The sampling rate of the speech tokenizer refers to the number of speech tokens generated per second. \citet{TWIST} observed that reducing HuBERT's sampling rate from 50Hz to 25Hz improved performance on speech language modeling tasks. We trained 1.5B models with tokenizers at different sampling rates using the same number of training tokens, excluding ASR and TTS datasets for simplicity, and analyzed the relationship between sampling rate and accuracy (\Cref{fig:sampling_rate}).

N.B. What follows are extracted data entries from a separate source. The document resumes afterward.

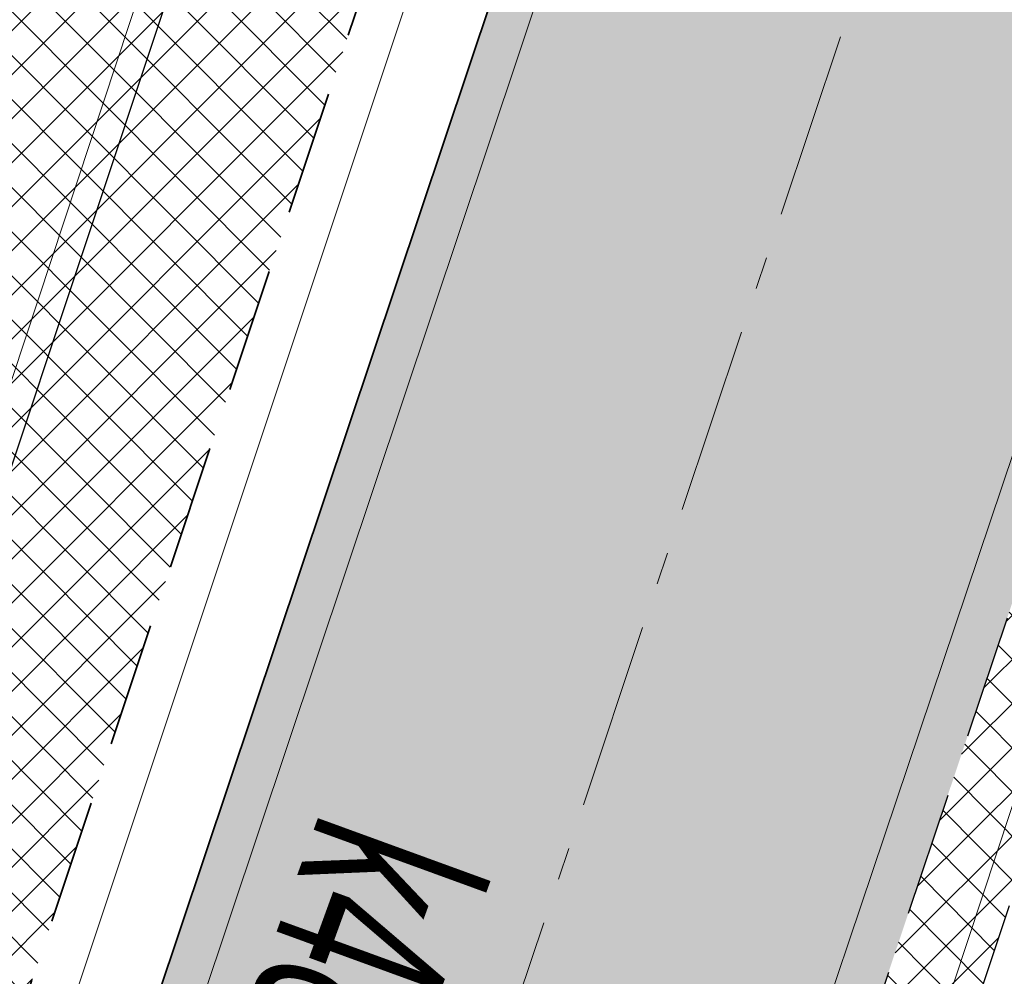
# Model space of a CAD drawing. Header units: metres. Extents: x 6599773 to 13199707, y 5688499 to 11377233.
# Tile 76 of 256: x 6599913.54 to 6599921.44, y 5688759.9 to 5688767.58. Entities that reach past the tile are written whole.
import ezdxf

# ---------------------------------------------------------------- set-up
doc = ezdxf.new("R2010")
doc.units = ezdxf.units.M
doc.header["$MEASUREMENT"] = 0
for name, pattern in [('1', [0]), ('2_OTKJ', [2, 1.5, -0.5]), ('3_EGJE', [2.5, 1.5, -0.3700000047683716, 0.2600001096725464, -0.369999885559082]), ('BUG', [1.5, 1, -0.5]), ('GUK', [2, 1.5, -0.5])]:
    doc.linetypes.add(name, pattern=pattern)
for name, color, linetype, lineweight in [('_kolor chodnik', 50, '1', 0), ('_kolor zjazdy kostka', 7, '1', 0), ('_kolor ścieżka', 10, '1', 0), ('_krawedz jezdni i pobocza', 7, 'BUG', 30), ('_kraweznik', 7, 'CONTINUOUS', 35), ('_obrzeze', 10, 'BUG', 35), ('_opiskd', 14, 'CONTINUOUS', 15), ('_os', 7, '3_EGJE', 13), ('AS__Nowe_granice', 140, 'CONTINUOUS', 30), ('Kontury', 90, 'GUK', 5), ('OTK_L_0', 7, '2_OTKJ', 5), ('OTK_L_5', 7, 'CONTINUOUS', 5), ('OTZ_L_1', 7, 'CONTINUOUS', 5)]:
    doc.layers.add(name, color=color, linetype=linetype, lineweight=lineweight)
doc.layers.add('_kolor jezdnia', color=7, linetype='1', lineweight=0, true_color=0x00dbdb)
doc.layers.add('_kolor pobocze', color=7, linetype='1', lineweight=0, true_color=0xff66ff)
doc.styles.add('opis drzewa', font='ARIALN.TTF', dxfattribs={"width": 0.7, "height": 1.6})
pattern_1 = [(45, (0, 0), (-0.1767766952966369, 0.1767766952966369), []), (135, (0, 0), (-0.1767766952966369, -0.1767766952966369), [])]

msp = doc.modelspace()

# ---------------------------------------------------------------- hatches: boundary and pattern name
at = {"layer": '_kolor chodnik'}
h = msp.add_hatch(dxfattribs=at)
h.set_pattern_fill('ANSI37', color=256, scale=2)
h.set_pattern_definition(pattern_1)
h.paths.add_polyline_path([(6599849.938171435, 5688542.085872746), (6599852.232147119, 5688548.938742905), (6599853.573135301, 5688548.489851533), (6599853.827082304, 5688549.248475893), (6599851.793849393, 5688549.929093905), (6599849.895278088, 5688548.982823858), (6599847.823506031, 5688542.793750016)])
edge = h.paths.add_edge_path()
edge.add_line((6600018.106075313, 5689087.454911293), (6600022.42781917, 5689091.229234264))
edge.add_line((6600022.42781917, 5689091.229234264), (6600020.233254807, 5689093.742094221))
edge.add_line((6600020.233254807, 5689093.742094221), (6600017.159471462, 5689091.057656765))
edge.add_arc((6600023.275194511, 5689085.3851404), 8.341433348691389, 137.1531559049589, 148.8016577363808)
edge.add_line((6600016.140105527, 5689089.706021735), (6600018.106075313, 5689087.454911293))
h.paths.add_polyline_path([(6600038.501784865, 5689187.592294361), (6600037.906968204, 5689187.700586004), (6600037.63829624, 5689186.224843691), (6600038.240083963, 5689186.115282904)])
h.paths.add_polyline_path([(6600069.098302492, 5689360.276020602), (6600068.321239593, 5689360.413462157), (6600068.064048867, 5689358.936495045), (6600068.836639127, 5689358.799546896)])
h.paths.add_polyline_path([(6600082.393785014, 5689362.950258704), (6600082.941124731, 5689366.103121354), (6600081.481377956, 5689366.361351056), (6600080.923159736, 5689363.210828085)])
h.paths.add_polyline_path([(6600074.022236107, 5689388.065861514), (6600072.983907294, 5689388.249860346), (6600072.723374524, 5689386.77253894), (6600073.760538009, 5689386.588865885)])
h.paths.add_polyline_path([(6600105.613104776, 5689486.405659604), (6600106.749499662, 5689489.711933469), (6600105.298891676, 5689490.233346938), (6600104.143487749, 5689486.917306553)], flags=17)
h.paths.add_polyline_path([(6600132.519778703, 5689678.737346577), (6600131.761827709, 5689678.896110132), (6600131.444670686, 5689677.429261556), (6600132.212256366, 5689677.269208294)])
h.paths.add_polyline_path([(6600156.649397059, 5689798.7449027), (6600156.48800471, 5689797.958860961), (6600157.450195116, 5689797.757316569), (6600157.615023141, 5689798.542205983)])
h.paths.add_polyline_path([(6600189.055358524, 5689948.643107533), (6600187.902868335, 5689948.884512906), (6600187.600024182, 5689947.417400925), (6600188.748131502, 5689947.176379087)])
edge = h.paths.add_edge_path()
edge.add_line((6600204.459383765, 5690032.969035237), (6600204.153258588, 5690031.227801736))
edge.add_arc((6600202.328347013, 5690027.299936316), 4.331100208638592, 41.85300125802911, 65.08011549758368, ccw=False)
edge.add_arc((6600032.90393149, 5690051.979071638), 174.020003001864, 352.8070218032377, 353.495463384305)
edge.add_arc((6600202.372679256, 5690027.343587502), 5.999999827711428, 55.12102442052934, 69.64815978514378)
edge = h.paths.add_edge_path()
edge.add_line((6600205.046027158, 5690040.265402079), (6600204.972740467, 5690038.483452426))
edge.add_arc((6600203.986269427, 5690044.401803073), 5.999999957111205, 279.4630688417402, 294.9140560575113)
edge.add_line((6600206.513819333, 5690038.960158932), (6600206.607027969, 5690041.030672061))
edge.add_arc((6600203.986269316, 5690044.401803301), 4.270000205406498, 284.3702444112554, 307.86193139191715, ccw=False)
edge = h.paths.add_edge_path()
edge.add_arc((6600203.547470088, 5690044.558759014), 6.446878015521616, 324.4350091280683, 356.2013368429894, ccw=False)
edge.add_arc((6600203.986269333, 5690044.401803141), 6.00000007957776, 323.2169970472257, 357.4193489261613)
h.paths.add_polyline_path([(6600208.910055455, 5690121.713696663), (6600208.146285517, 5690121.748120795), (6600207.125602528, 5690121.794124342), (6600209.971605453, 5690121.665851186)])
edge = h.paths.add_edge_path()
edge.add_line((6600238.769818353, 5690481.648294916), (6600240.338176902, 5690490.873746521))
edge.add_line((6600240.338176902, 5690490.873746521), (6600241.251295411, 5690510.829461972))
edge.add_line((6600241.251295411, 5690510.829461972), (6600239.524022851, 5690510.928942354))
edge.add_line((6600239.524022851, 5690510.928942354), (6600238.633343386, 5690491.167757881))
edge.add_line((6600238.633343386, 5690491.167757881), (6600234.579716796, 5690467.661262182))
edge.add_line((6600234.579716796, 5690467.661262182), (6600234.449796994, 5690464.966873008))
edge.add_arc((6600242.443669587, 5690464.607462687), 8.00194818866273, 177.4256738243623, 268.2543056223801)
edge.add_line((6600242.199903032, 5690456.609228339), (6600242.216657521, 5690457.359274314))
edge.add_line((6600242.216657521, 5690457.359274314), (6600242.305257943, 5690458.836738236))
edge.add_arc((6600242.444504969, 5690464.607952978), 5.772894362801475, 177.0298084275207, 268.6178439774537, ccw=False)
edge.add_line((6600236.679365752, 5690464.907083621), (6600236.951876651, 5690470.95443634))
edge.add_line((6600236.951876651, 5690470.95443634), (6600238.150786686, 5690478.210832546))
edge.add_line((6600238.150786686, 5690478.210832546), (6600238.769818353, 5690481.648294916))
h.paths.add_polyline_path([(6600238.769818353, 5690481.648294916), (6600238.150786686, 5690478.210832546), (6600239.670056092, 5690477.930590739), (6600240.266710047, 5690481.376366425)], flags=17)
edge = h.paths.add_edge_path()
edge.add_line((6600223.366500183, 5690460.339976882), (6600223.276803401, 5690457.948865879))
edge.add_arc((6600221.105749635, 5690465.64864014), 7.999999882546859, 285.7465040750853, 299.8464885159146)
edge.add_line((6600225.08717264, 5690458.709744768), (6600225.240084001, 5690461.623695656))
edge.add_arc((6600221.105749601, 5690465.648640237), 5.769999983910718, 293.06724420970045, 315.7681070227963, ccw=False)
edge = h.paths.add_edge_path()
edge.add_arc((6600220.025145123, 5690444.676291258), 5.77000016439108, 37.996647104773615, 59.94382588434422, ccw=False)
edge.add_line((6600224.572175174, 5690448.22839199), (6600224.817793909, 5690451.081798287))
edge.add_arc((6600220.025145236, 5690444.676291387), 7.999999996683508, 53.19588653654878, 68.15166733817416)
edge.add_line((6600223.00235276, 5690452.101669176), (6600222.91504296, 5690449.670427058))
edge = h.paths.add_edge_path()
edge.add_arc((6600221.105749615, 5690465.648640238), 7.999999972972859, 328.0222308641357, 357.0132597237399)
edge.add_line((6600229.094882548, 5690465.23180147), (6600229.218816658, 5690467.593604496))
edge.add_line((6600229.218816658, 5690467.593604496), (6600228.218919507, 5690467.645774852))
edge.add_line((6600228.218919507, 5690467.645774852), (6600227.891778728, 5690461.411918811))
h.paths.add_polyline_path([(6600200.980142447, 5690012.236744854), (6600202.31727834, 5690011.956662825), (6600202.522293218, 5690012.935421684), (6600201.182321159, 5690013.216097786)])
h.paths.add_polyline_path([(6600196.457878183, 5689983.98337835), (6600195.202332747, 5689984.246370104), (6600194.899091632, 5689982.777335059), (6600196.150355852, 5689982.515240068)])
edge = h.paths.add_edge_path()
edge.add_line((6600112.305909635, 5689517.99101877), (6600112.691041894, 5689519.807934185))
edge.add_line((6600112.691041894, 5689519.807934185), (6600113.245521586, 5689522.423769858))
edge.add_line((6600113.245521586, 5689522.423769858), (6600111.553124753, 5689522.782507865))
edge.add_line((6600111.553124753, 5689522.782507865), (6600107.405864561, 5689503.217226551))
edge.add_line((6600107.405864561, 5689503.217226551), (6600099.494506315, 5689480.361667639))
edge.add_line((6600099.494506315, 5689480.361667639), (6600099.182814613, 5689478.891218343))
edge.add_arc((6600107.008997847, 5689477.232359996), 8.000059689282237, 168.0325629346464, 257.7529108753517)
edge.add_line((6600105.311960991, 5689469.414366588), (6600105.784990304, 5689471.593619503))
edge.add_arc((6600107.008927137, 5689477.232314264), 5.769999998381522, 168.0321375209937, 257.7533362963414, ccw=False)
edge.add_line((6600101.364343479, 5689478.42879883), (6600101.647245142, 5689479.76342708))
edge.add_line((6600101.647245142, 5689479.76342708), (6600104.143487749, 5689486.917306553))
edge.add_line((6600104.143487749, 5689486.917306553), (6600105.298891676, 5689490.233346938))
edge.add_line((6600105.298891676, 5689490.233346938), (6600108.240043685, 5689498.809726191))
edge.add_line((6600108.240043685, 5689498.809726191), (6600112.305909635, 5689517.99101877))
h.paths.add_polyline_path([(6600136.009573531, 5689645.499114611), (6600138.333647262, 5689645.012304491), (6600138.661671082, 5689646.578318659), (6600134.869459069, 5689647.372651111)])
at = {"layer": '_kolor jezdnia'}
h = msp.add_hatch(dxfattribs=at)
h.set_pattern_fill('ANSI37', color=256, scale=2.2)
h.set_pattern_definition([(311.9999999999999, (0, 0), (0.2043648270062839, 0.1840109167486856), []), (41.99999999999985, (0, 0), (-0.1840109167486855, 0.2043648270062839), [])])
edge = h.paths.add_edge_path()
edge.add_line((6599833.066047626, 5688539.933393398), (6599850.649511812, 5688527.983462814))
edge.add_arc((6599857.337592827, 5688536.653968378), 10.95025544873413, 169.5012687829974, 232.3548431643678, ccw=False)
edge.add_arc((6599858.085851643, 5688536.618142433), 11.69295282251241, 162.2507788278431, 169.9967502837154, ccw=False)
edge.add_line((6599846.949484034, 5688540.182754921), (6599847.823506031, 5688542.793750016))
edge.add_line((6599847.823506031, 5688542.793750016), (6599849.895278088, 5688548.982823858))
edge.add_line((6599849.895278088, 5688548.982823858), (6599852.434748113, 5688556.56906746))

The results show that lower sampling rates improve average accuracy. We hypothesize two reasons: (1) lower sampling rates allow the model to process more speech data within the same training token budget, and (2) shorter token sequences for the same audio reduce modeling difficulty. We selected a 12.5Hz sampling rate for our main model, as the 6.25Hz tokenizer showed a trade-off where speech information loss outweighed accuracy gains.

\vspace{-1em}
\subsubsection{Span Corruption Ratio}
\label{sec:ablation-span-corruption-ratio}

The span corruption ratio decides the proportions of text and speech tokens in interleaved samples. With extreme corruption ratios close to 0 or 1 the interleaved samples are dominated by text or speech tokens. To study the effect of the ratio and determine the best value, we train multiple 1.5B models with interleaved data from different span corruption ratios and plot the results in \Cref{fig:span_corruption_ratio}. Overall, we find that the corruption ratios from 0.2 to 0.4 works well. Larger or smaller ratios result in a significant degradation of performance. Based on the results, we select 0.3 as the corruption ratio for our main model.